In short, the perspectives for the immigrants's second generation were not very different from the ones open for the children of decaying or upcoming families arriving in Belo Horizonte from the state's hinterland. It made no sense to strive to get involved in local culture and traditions, and places at the very top were monopolized for the children of families with proper surnames and towns of origin. The only chances were to find an acceptable niche in one of the new liberal professions, to make some money in business or to look for some kind of intellectual activity which could be truly universal, did not depend either on local nor on immigrant traditions - and did not require too much in terms of sophisticated mastery of European cultures. For many people in Belo Horizonte and, to a growing extent in Brazil in the fifties and sixties, this meant social sciences.

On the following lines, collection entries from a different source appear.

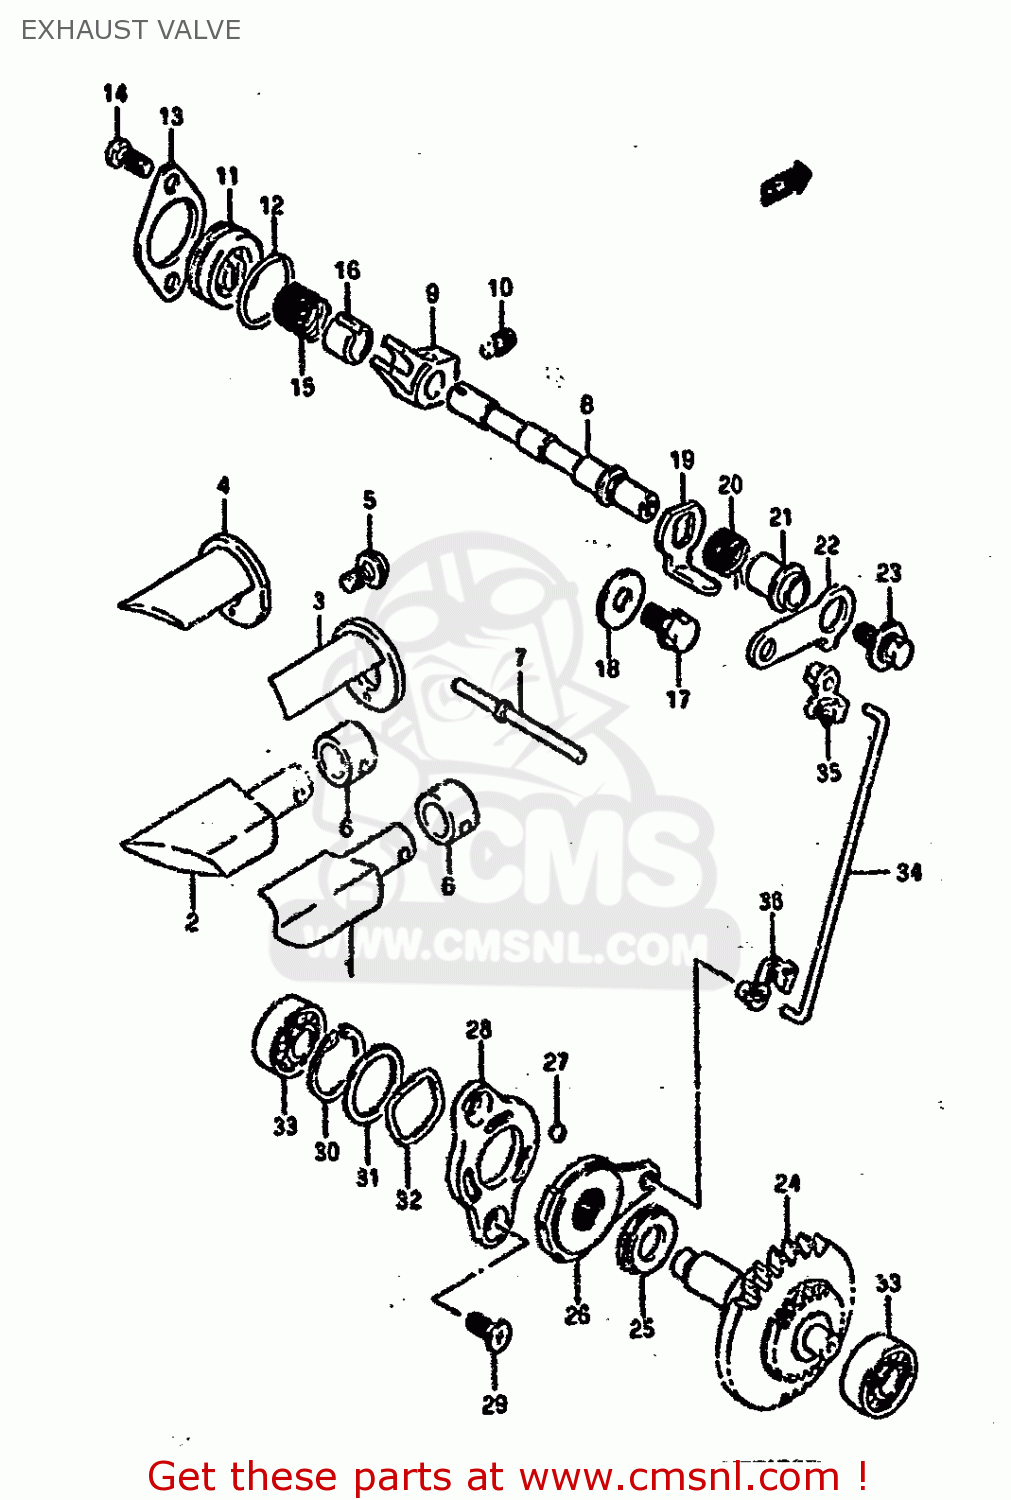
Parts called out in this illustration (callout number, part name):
1	VALVE,EXHAUST,R
2	VALVE,EXHAUST,L
3	GUIDE,EXHAUST VALVE,R
4	GUIDE,EXHAUST VALVE,L
5	SCREW
6	SPACER,EXHAUST VALVE
7	PIN,EXHAUST VALVE
8	SHAFT,EXHAUST VALVE
9	ARM,EXHAUST VALVE SHAFT
10	SCREW(6X10)
11	CAP,EXHAUST VALVE
12	O RING(D:1.9,ID:22.6)
13	RETAINER,EXHAUST VALVE
14	BOLT
15	SPRING
16	SPACER,EXHAUST VALVE SPRING
17	BOLT
18	WASHER
19	LEVER,EXHAUST VALVE NO
20	SPRING
21	SPACER,EXHAUST VALVE
22	LEVER,EXHAUST VALVE NO.1
23	BOLT
24	GOVERNOR ASSY,EXHAUST VALVE
25	BEARING(10X22X2.8)
26	ACTUATOR,EXHAUST VALVE
27	BALL
28	STARTER,EXHAUST VALVE ACTUATOR
29	SCREW(5X10)
30	CIRCLIP
31	SHIM(19.1X25X0.3)
32	WASHER
33	BEARING(8X22X7)
34	ROD,EXHAUST VALVE
35	BUSH,EXHAUST VALVE ROD NO.1
36	BUSH,EXHAUST VALVE ROD NO.2

6. the search for identity: (IV) sociology

I was very influenced, as an undergraduate student, by a book by Lucien Goldmann called Science Humaines et Philosophie(27). Goldmann had had access to Georgy Luckacs' History and not Class Consciousness when this was still a forbidden book, and not yet translated into French or English. Following Luckacs, Goldmann sustained that there were two social sciences, bourgeois and proletarian. Each one was true as far as it went, but, since the future belonged to the working class, proletarian sociology (that is, Marxism) went much further and was therefore better. Those where post-Stalin years, and French Marxism was full of attempts to return to the "true" origins of Marxism (usually meaning the philosophical texts and Hegel) and use them to recreate a social science that Stalin had aborted. Besides Goldmann, we read Edgar Morin. Pierre Naville, Henri Lefèbre, the group around the journal Arguments - and, of course, Jean-Paul Sartre. We also read what remained of the Durkheimian school in the post-war years, and tried to make some sense of George Gurvitch's " sociologie en profoundeur". For all that, one had to at least understand some of the basic ideas of critical philosophy, Hegelianism, post-Hegelianism and phenomenology.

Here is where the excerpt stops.